Wednesday, May 6, 2009

playing on the stereo this week - new Bob Dylan CD Together through Life

Just purchased the new Dylan CD Together Through Life but have not had a close listen yet. For an intelligent review of the CD go to the Hurst Review, an excellent and intelligent website/blog which explores contemporary music.

Here are a few extracts from Josh Hurt's review.

Bob Dylan: “Together Through Life”

'.......It’s his jauntiest, breeziest set in years, an album that seems as unconcerned with commenting on world affairs as it is shoring up the master’s legacy. If Times Out of Mind was his comeback, Love & Theft his masterful display of his full powers of depth and expression, and Modern Times a weighty testament to his status as rock’s great elder statesman, Together Through Life is a vexingly casual affair that seems like it was recorded for no one more than for Dylan himself.

Might as well just call it what it is: Another weird curveball in a career that thrives on ‘em, and another strange riddle for Dylanologists to sort out. What it ultimately means within the broader context of Dylan’s body of work– if indeed it means anything at all– there’s no telling, at least not yet. For now, this much seems important: It bears fleeting similarity to several of his past albums, but ultimately doesn’t sound much like any of them. It drinks from the same classic-blues well as Modern Times, but it’s a markedly simpler, more spirited affair. At times it shakes and sways like Love & Theft, but not with abandon or creative gusto so much as casual nonchalance. The presence of David Hidalgo on accordion– adding what critics seem intent on calling a “border cafe” feel” to most of these songs– recalls Scarlet Rivera’s violin work that added shading and character to Desire, and indeed, this album is similarly unassuming, though more focused, less varied, and lacking the big, major highlights.
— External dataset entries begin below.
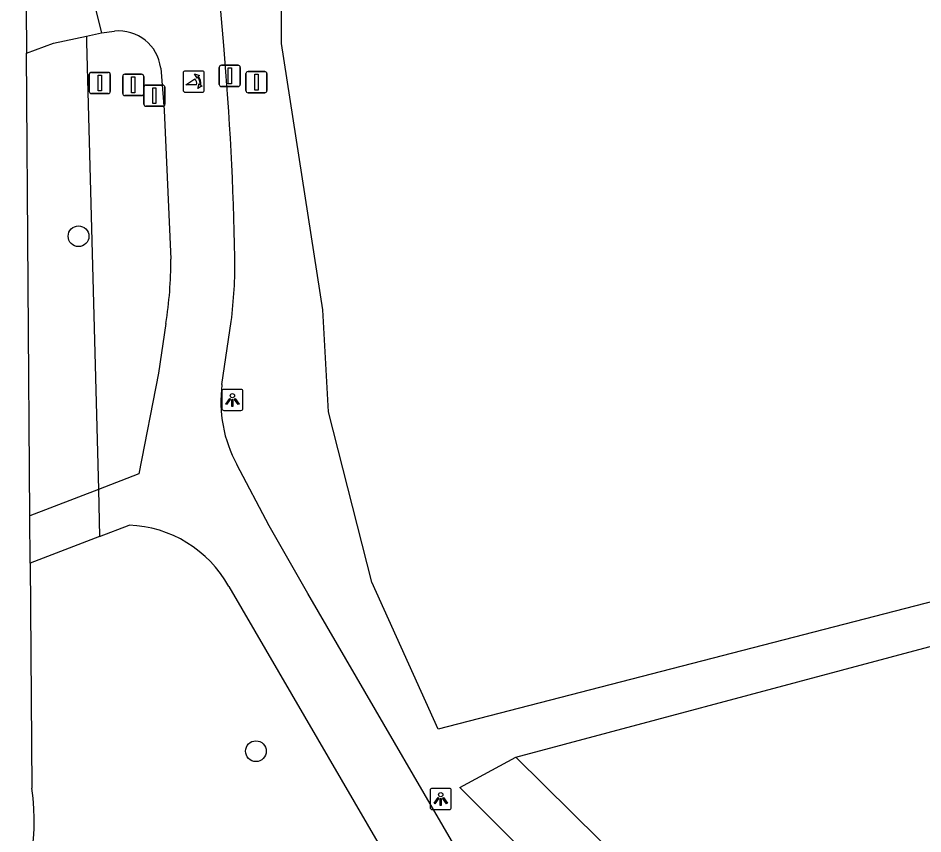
# Model space of a CAD drawing. Extents: x 162880 to 165536, y 384011 to 385179.
# Drawn here: x 163735.02 to 163777.66, y 384444.78 to 384483.21 of the extents above; entities that cross this region are included whole.
import ezdxf

# ---------------------------------------------------------------- set-up
doc = ezdxf.new("R2010")
doc.units = 0
for name, color, linetype in [('IMGEO_Afsluitpaal', 7, 'Continuous'), ('IMGEO_Boom', 7, 'Continuous'), ('IMGEO_Bouwland', 7, 'Continuous'), ('IMGEO_Groenvoorziening', 7, 'Continuous'), ('IMGEO_Hek', 7, 'Continuous'), ('IMGEO_Lichtpunt', 7, 'Continuous'), ('IMGEO_Loofbos', 7, 'Continuous'), ('IMGEO_Poller', 7, 'Continuous'), ('IMGEO_Rijbaan_lokaal_open', 7, 'Continuous'), ('IMGEO_Voetpad_open', 7, 'Continuous')]:
    doc.layers.add(name, color=color, linetype=linetype)

msp = doc.modelspace()

# ---------------------------------------------------------------- linework, layer by layer
at = {"layer": 'IMGEO_Afsluitpaal'}
for p, q in [((163738.477, 384480.649), (163739.267, 384480.649)), ((163739.267, 384480.649), (163738.477, 384480.649)), ((163744.5, 384480.082), (163744.5, 384480.882)), ((163744.5, 384480.882), (163744.5, 384480.082)), ((163744.6, 384480.982), (163745.39, 384480.982)), ((163745.39, 384480.982), (163744.6, 384480.982)), ((163745.49, 384480.882), (163745.49, 384480.082)), ((163745.49, 384480.082), (163745.49, 384480.882)), ((163745.857, 384480.689), (163746.647, 384480.689)), ((163746.647, 384480.689), (163745.857, 384480.689)), ((163738.377, 384479.749), (163738.377, 384480.549)), ((163738.377, 384480.549), (163738.377, 384479.749)), ((163739.367, 384480.549), (163739.367, 384479.749)), ((163739.367, 384479.749), (163739.367, 384480.549)), ((163739.949, 384479.658), (163739.949, 384480.458)), ((163739.949, 384480.458), (163739.949, 384479.658)), ((163740.049, 384480.558), (163740.839, 384480.558)), ((163740.839, 384480.558), (163740.049, 384480.558)), ((163740.939, 384480.458), (163740.939, 384479.658)), ((163740.939, 384479.658), (163740.939, 384480.458)), ((163745.757, 384479.789), (163745.757, 384480.589)), ((163745.757, 384480.589), (163745.757, 384479.789)), ((163746.747, 384480.589), (163746.747, 384479.789)), ((163746.747, 384479.789), (163746.747, 384480.589)), ((163740.946, 384479.151), (163740.946, 384479.951)), ((163740.946, 384479.951), (163740.946, 384479.151)), ((163741.046, 384480.051), (163741.836, 384480.051)), ((163741.836, 384480.051), (163741.046, 384480.051)), ((163741.936, 384479.951), (163741.936, 384479.151)), ((163741.936, 384479.151), (163741.936, 384479.951)), ((163745.39, 384479.982), (163744.6, 384479.982)), ((163744.6, 384479.982), (163745.39, 384479.982)), ((163739.267, 384479.649), (163738.477, 384479.649)), ((163738.477, 384479.649), (163739.267, 384479.649)), ((163740.839, 384479.558), (163740.049, 384479.558)), ((163740.049, 384479.558), (163740.839, 384479.558)), ((163746.647, 384479.689), (163745.857, 384479.689)), ((163745.857, 384479.689), (163746.647, 384479.689)), ((163741.836, 384479.051), (163741.046, 384479.051)), ((163741.046, 384479.051), (163741.836, 384479.051))]:
    msp.add_line(p, q, dxfattribs=at)
for points in [[(163744.92, 384480.857), (163745.07, 384480.857), (163745.07, 384480.107), (163744.92, 384480.107), (163744.92, 384480.857)], [(163738.797, 384480.524), (163738.947, 384480.524), (163738.947, 384479.774), (163738.797, 384479.774), (163738.797, 384480.524)], [(163740.369, 384480.433), (163740.519, 384480.433), (163740.519, 384479.683), (163740.369, 384479.683), (163740.369, 384480.433)], [(163746.177, 384480.564), (163746.327, 384480.564), (163746.327, 384479.814), (163746.177, 384479.814), (163746.177, 384480.564)], [(163741.366, 384479.926), (163741.516, 384479.926), (163741.516, 384479.176), (163741.366, 384479.176), (163741.366, 384479.926)]]:
    msp.add_lwpolyline(points, dxfattribs=at)
for centre, start, end in [((163738.477, 384480.549), 90, 180), ((163738.477, 384480.549), 90, 180), ((163739.267, 384480.549), 0, 90), ((163739.267, 384480.549), 360, 90), ((163744.6, 384480.882), 90, 180), ((163744.6, 384480.882), 90, 180), ((163745.39, 384480.882), 0, 90), ((163745.39, 384480.882), 360, 90), ((163745.857, 384480.589), 90, 180), ((163745.857, 384480.589), 90, 180), ((163746.647, 384480.589), 0, 90), ((163746.647, 384480.589), 360, 90), ((163740.049, 384480.458), 90, 180), ((163740.049, 384480.458), 90, 180), ((163740.839, 384480.458), 0, 90), ((163740.839, 384480.458), 360, 90), ((163738.477, 384479.749), 180, 270), ((163738.477, 384479.749), 180, 270), ((163739.267, 384479.749), 270, 0), ((163739.267, 384479.749), 270, 0), ((163741.046, 384479.951), 90, 180), ((163741.046, 384479.951), 90, 180), ((163741.836, 384479.951), 0, 90), ((163741.836, 384479.951), 360, 90), ((163744.6, 384480.082), 180, 270), ((163744.6, 384480.082), 180, 270), ((163745.39, 384480.082), 270, 0), ((163745.39, 384480.082), 270, 0), ((163745.857, 384479.789), 180, 270), ((163745.857, 384479.789), 180, 270), ((163746.647, 384479.789), 270, 0), ((163746.647, 384479.789), 270, 0), ((163740.049, 384479.658), 180, 270), ((163740.049, 384479.658), 180, 270), ((163740.839, 384479.658), 270, 0), ((163740.839, 384479.658), 270, 0), ((163741.046, 384479.151), 180, 270), ((163741.046, 384479.151), 180, 270), ((163741.836, 384479.151), 270, 0), ((163741.836, 384479.151), 270, 0)]:
    msp.add_arc(centre, 0.1, start, end, dxfattribs=at)
at = {"layer": 'IMGEO_Boom'}
for centre in [(163737.867, 384472.929), (163746.228, 384448.672)]:
    msp.add_circle(centre, 0.489, dxfattribs=at)
at = {"layer": 'IMGEO_Bouwland'}
msp.add_lwpolyline([(163950.521, 384501.908), (163867.186, 384478.711), (163754.823, 384449.705), (163751.685, 384456.628), (163749.654, 384464.659), (163749.377, 384469.459), (163747.438, 384482.013), (163747.438, 384499.922), (163751.31, 384502.046), (163770.073, 384507.956), (163772.691, 384510.794)], dxfattribs=at)
at = {"layer": 'IMGEO_Groenvoorziening'}
for points in [[(163738.237, 384482.36), (163738.242, 384482.066), (163738.803, 384461.001)], [(163735.573, 384459.754), (163735.412, 384481.555)], [(163735.589, 384457.531), (163735.668, 384446.936)], [(163764.881, 384437.924), (163764.411, 384438.387), (163755.836, 384446.954), (163758.484, 384448.385)]]:
    msp.add_lwpolyline(points, dxfattribs=at)
msp.add_arc((163725.264, 384445.432), 10.513, 286.6973, 8.224, dxfattribs=at)
at = {"layer": 'IMGEO_Hek'}
for points in [[(163738.237, 384482.36), (163738.242, 384482.066)], [(163738.242, 384482.066), (163738.803, 384461.001)]]:
    msp.add_lwpolyline(points, dxfattribs=at)
at = {"layer": 'IMGEO_Lichtpunt'}
for p, q in [((163745.524, 384465.718), (163744.716, 384465.718)), ((163745.524, 384465.718), (163744.716, 384465.718)), ((163744.622, 384465.623), (163744.622, 384464.816)), ((163744.622, 384465.623), (163744.622, 384464.816)), ((163745.618, 384464.816), (163745.618, 384465.623)), ((163745.618, 384464.816), (163745.618, 384465.623)), ((163744.716, 384464.722), (163745.524, 384464.722)), ((163744.716, 384464.722), (163745.524, 384464.722)), ((163755.343, 384446.92), (163754.535, 384446.92)), ((163755.343, 384446.92), (163754.535, 384446.92)), ((163754.441, 384446.825), (163754.441, 384446.018)), ((163754.441, 384446.825), (163754.441, 384446.018)), ((163755.437, 384446.018), (163755.437, 384446.825)), ((163755.437, 384446.018), (163755.437, 384446.825)), ((163754.535, 384445.924), (163755.343, 384445.924)), ((163754.535, 384445.924), (163755.343, 384445.924))]:
    msp.add_line(p, q, dxfattribs=at)
for points in [[(163744.996, 384465.287), (163745.035, 384465.259), (163744.847, 384464.997), (163744.809, 384465.024), (163744.996, 384465.287)], [(163745.098, 384465.239), (163745.145, 384465.239), (163745.145, 384464.917), (163745.098, 384464.917), (163745.098, 384465.239)], [(163745.208, 384465.259), (163745.246, 384465.286), (163745.433, 384465.024), (163745.394, 384464.996), (163745.208, 384465.259)], [(163754.815, 384446.489), (163754.854, 384446.461), (163754.666, 384446.199), (163754.628, 384446.226), (163754.815, 384446.489)], [(163755.027, 384446.461), (163755.065, 384446.488), (163755.252, 384446.226), (163755.213, 384446.198), (163755.027, 384446.461)], [(163754.917, 384446.441), (163754.964, 384446.441), (163754.964, 384446.119), (163754.917, 384446.119), (163754.917, 384446.441)]]:
    msp.add_lwpolyline(points, dxfattribs=at)
for centre in [(163745.121, 384465.421), (163754.94, 384446.623)]:
    msp.add_circle(centre, 0.0994, dxfattribs=at)
for centre, start, end in [((163744.716, 384465.623), 90, 180), ((163744.716, 384465.623), 90, 180), ((163745.524, 384465.623), 0, 90), ((163745.524, 384465.623), 0, 90), ((163744.716, 384464.816), 180, 270), ((163744.716, 384464.816), 180, 270), ((163745.524, 384464.816), 270, 0), ((163745.524, 384464.816), 270, 360), ((163754.535, 384446.825), 90, 180), ((163754.535, 384446.825), 90, 180), ((163755.343, 384446.825), 0, 90), ((163755.343, 384446.825), 0, 90), ((163754.535, 384446.018), 180, 270), ((163754.535, 384446.018), 180, 270), ((163755.343, 384446.018), 270, 0), ((163755.343, 384446.018), 270, 360)]:
    msp.add_arc(centre, 0.0946, start, end, dxfattribs=at)
at = {"layer": 'IMGEO_Loofbos'}
for points in [[(163758.484, 384448.385), (163793.758, 384457.809)], [(163758.484, 384448.385), (163767.725, 384439.247)]]:
    msp.add_lwpolyline(points, dxfattribs=at)
at = {"layer": 'IMGEO_Poller'}
for p, q in [((163742.799, 384480.618), (163742.799, 384479.811)), ((163742.799, 384480.618), (163742.799, 384479.811)), ((163743.701, 384480.713), (163742.893, 384480.713)), ((163743.701, 384480.713), (163742.893, 384480.713)), ((163743.795, 384479.811), (163743.795, 384480.618)), ((163743.795, 384479.811), (163743.795, 384480.618)), ((163742.893, 384479.716), (163743.701, 384479.716)), ((163742.893, 384479.716), (163743.701, 384479.716))]:
    msp.add_line(p, q, dxfattribs=at)
for points in [[(163743.434, 384480.069), (163742.921, 384480.069), (163743.351, 384480.344)], [(163743.478, 384480.442), (163743.466, 384480.369), (163743.341, 384480.574)], [(163743.341, 384480.574), (163743.572, 384480.508), (163743.501, 384480.476)], [(163743.494, 384479.897), (163743.56, 384480.128), (163743.59, 384480.06)], [(163743.626, 384480.033), (163743.698, 384480.022), (163743.494, 384479.897)]]:
    msp.add_lwpolyline(points, dxfattribs=at)
for centre, radius, start, end in [((163742.893, 384480.618), 0.0946, 90, 180), ((163742.893, 384480.618), 0.0946, 90, 180), ((163743.701, 384480.618), 0.0946, 0, 90), ((163743.701, 384480.618), 0.0946, 0, 90), ((163743.106, 384480.119), 0.332, 351.3247, 42.4854), ((163743.12, 384480.129), 0.476, 351.7527, 41.1691), ((163743.12, 384480.129), 0.516, 349.3569, 42.2912), ((163742.893, 384479.811), 0.0946, 180, 270), ((163742.893, 384479.811), 0.0946, 180, 270), ((163743.701, 384479.811), 0.0946, 270, 0), ((163743.701, 384479.811), 0.0946, 270, 0)]:
    msp.add_arc(centre, radius, start, end, dxfattribs=at)
at = {"layer": 'IMGEO_Rijbaan_lokaal_open'}
for points in [[(163744.713, 384481.919), (163743.896, 384491.268), (163743.213, 384499.073)], [(163738.162, 384486.542), (163738.179, 384485.573), (163738.948, 384482.512)], [(163735.379, 384485.927), (163735.412, 384481.555)], [(163735.412, 384481.555), (163736.681, 384482.028), (163738.237, 384482.36)], [(163738.237, 384482.36), (163738.948, 384482.512)], [(163738.948, 384482.512), (163739.56, 384482.591)], [(163741.74, 384480.846), (163741.909, 384478.865), (163742.226, 384471.844)], [(163741.989, 384468.823), (163741.638, 384466.478), (163740.71, 384461.737), (163738.803, 384461.001)], [(163744.626, 384465.941), (163745.063, 384468.921)], [(163757.735, 384440.524), (163748.677, 384456.093), (163746.85, 384459.283), (163745.325, 384462.183)], [(163738.803, 384461.001), (163738.862, 384458.789)], [(163738.862, 384458.789), (163740.249, 384459.322)], [(163744.953, 384456.437), (163756.16, 384437.2)]]:
    msp.add_lwpolyline(points, dxfattribs=at)
for centre, radius, start, end in [((163739.766, 384480.614), 1.987, 6.6919, 95.9564), ((163600.666, 384469.371), 144.593, 1.01144, 4.97863), ((163721.946, 384471.915), 20.28, 351.2296, 359.799), ((163724.504, 384471.612), 20.734, 352.5435, 0.8601), ((163750.782, 384465.142), 6.207, 172.6041, 208.4695), ((163740.029, 384453.686), 5.64, 29.192, 87.7658)]:
    msp.add_arc(centre, radius, start, end, dxfattribs=at)
at = {"layer": 'IMGEO_Voetpad_open'}
for points in [[(163738.803, 384461.001), (163735.573, 384459.754)], [(163735.589, 384457.531), (163735.573, 384459.754)], [(163738.862, 384458.789), (163735.589, 384457.531)]]:
    msp.add_lwpolyline(points, dxfattribs=at)

doc.saveas('drawing.dxf')

..... Dylan’s gift, at least at this stage in the game, lies in his ability to effortlessly conjure the ghosts of the past and bid them to speak in some strange, timeless language– to stitch together, from the pieces of our cultural history, a story that’s both very old and completely Dylan’s.

Dylan, more than any other living/working songwriter, guards the doorway to an old, mythic America that’s as old as the nation itself and as real and visceral today as it’s ever been– and of course, when you consider this album under the full weight of history that it bears, it suddenly opens up not as some artifact of the past, but as a commentary on the present, as seen through the tropes and tall tales that have always carried the seed of the American story.

....He is, to be sure, playing with expectations, but he’s playing with history and language and myth, as well– and he’s obviously tickled to death to be doing it: Dylan sounds strong and engaged, and he’s never made an album as rich in playfulness and wonder, with the harder-rocking numbers and the more genteel ballads imbued with the same sort of whimsy. Those expecting a last will and testament will be suitably shocked to find, in its place, a party, one filled with all the darkness and hope of the age in which it was conceived, and in which history comes crashing into the present day. In other words: It’s a sly, winking album from an artist who knows what he’s doing and doesn’t much care if it meets our approval. From Bob Dylan, what else could we possibly expect?